Learning Quantum-Samplers for Stochastic Processes with Quantum Sequence Models

TL;DR

This paper introduces quantum sequence models with recurrent quantum circuits that efficiently generate coherent superpositions of stochastic processes, significantly improving accuracy over baseline models especially with limited data.

Contribution

The authors develop a novel recurrent quantum circuit architecture for modeling stochastic processes, enabling linear growth in complexity and improved training from observational data.

Findings

Models outperform baseline quantum Born machines in accuracy.

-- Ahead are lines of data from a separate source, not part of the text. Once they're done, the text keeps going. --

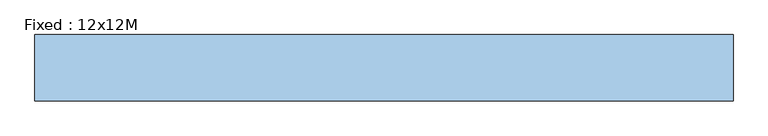
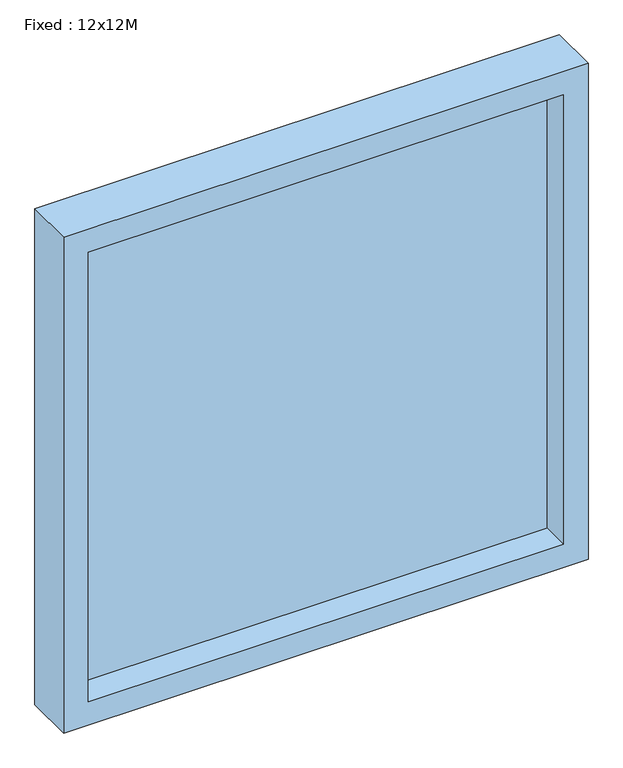
"""IFC4 building model written with IfcOpenShell, lengths in millimetres: window geometry, Fixed : 12x12M."""

from ifc_helpers import new_model, si_unit, frame, origin, place, context, project, spatial, polyline, outline, extrude, source, transform, mapped, element, save


def fixed_12x12m_54af5089(model_context):
    return source(origin(), model_context, "Body", "SweptSolid", [
        extrude(outline(polyline([(2012.0, 606.0), (2012.0, -606.0), (800.0, -606.0), (800.0, 606.0), (2012.0, 606.0)]), holes=[polyline([(857.0, 549.0), (857.0, -549.0), (1955.0, -549.0), (1955.0, 549.0), (857.0, 549.0)])]), frame((0.0, 69.0, 0.0), z_axis=(0.0, 1.0, 0.0), x_axis=(0.0, 0.0, 1.0)), (0.0, 0.0, 1.0), 115.0),
        extrude(outline(polyline([(-549.0, 162.0), (549.0, 162.0), (549.0, 134.0), (-549.0, 134.0), (-549.0, 162.0)])), frame((0.0, 0.0, 857.0), z_axis=(0.0, 0.0, 1.0), x_axis=(1.0, 0.0, 0.0)), (0.0, 0.0, 1.0), 1098.0),
    ])


if __name__ == "__main__":
    model = new_model("IFC4")
    model_context = context("Model", 3, world=origin())
    ifc_project = project(units=[si_unit("LENGTHUNIT", "METRE", prefix="MILLI")], contexts=[model_context])
    site = spatial("IfcSite", under=ifc_project)
    building = spatial("IfcBuilding", under=site)
    placement = place(None, origin())
    fixed_12x12m_shape = fixed_12x12m_54af5089(model_context)
    element("IfcWindow", 1, ObjectType="Fixed : 12x12M", at=placement, inside=building, context=model_context, shape_type="MappedRepresentation", body=[
        mapped(fixed_12x12m_shape, transform((0.0, 0.0, 0.0), x_axis=(1.0, 0.0, 0.0), y_axis=(0.0, 1.0, 0.0), z_axis=(0.0, 0.0, 1.0))),
    ])
    save(model, "model.ifc")

# Revit data of these elements
# Type "Fixed : 12x12M"
#   Type Mark = "55"
#   Creator Organization [instance default] = "© Danish Educational Content"
#   Creator Name [instance default] = "© Erik Falck Jørgensen"
#   Creator Build [instance default] = "2017.0801.0"
#   Analytic Construction = "<None>"
#   length#5 = -22 mm
#   length#4 = -50 mm
#   length#3 = 100 mm
#   length#2 = 57 mm
#   length#1 = 0 mm
#   Seal Width = 12 mm
#   Rough Width = 1212 mm
#   Rough Height = 1212 mm
#   Rebate Depth = 50 mm
#   Height = 1188 mm
#   Glass Thickness = 28 mm
#   Exterior Direction [instance default] = 0.00°
#   Default Sill Height = 800 mm
#   Width = 1188 mm
#   Case Width = 45 mm
#   Case Depth = 115 mm
#   Sealing = no
#   Wall Closure = 1
#   Above Cutplane [instance default] = no
#   Wall Surface = none
#   Sill Plate = none
#   Glass = none
#   Embrasure = none
#   Case/Transom = none
#   Assembly Code = ""
# Element 1 (IfcWindow, "Fixed : 12x12M")
#   Materials on its faces: "Default Frame/Mullion (Interior/Exterior)", "Glass"
# Materials
#   "Default Frame/Mullion (Interior/Exterior)": class "Generic", colour RGB 205 205 205, transparency 0, Description = "Udefineret karm/ramme materiale", Cost = 0
#   "Glass": class "Glass", colour RGB 180 200 255, transparency 0.75, Description = "Generisk glas", Cost = 0

Recurrent quantum circuits grow linearly with time horizon.

Significant improvements in data-sparse regimes.

Abstract

Quantum circuits that generate coherent superpositions of stochastic processes are key to many downstream quantum-accelerated tasks, such as risk analysis, importance sampling, and DNA sequencing. However, traditional methods for designing such circuits from data face immense challenges, given the exponential growth in the size of the associated probability vectors as the desired simulation time horizon increases. Here, we introduce quantum sequence models that leverage a recurrent quantum circuit structure to generate coherent superpositions with circuit complexity that grows linearly with the desired time horizon; together with a recurrent variant of the parameter-shift rule, we train these models from observational data. When benchmarked against baseline quantum Born machines, our constructions exhibit orders-of-magnitude improvements in model accuracy in data-sparse regimes.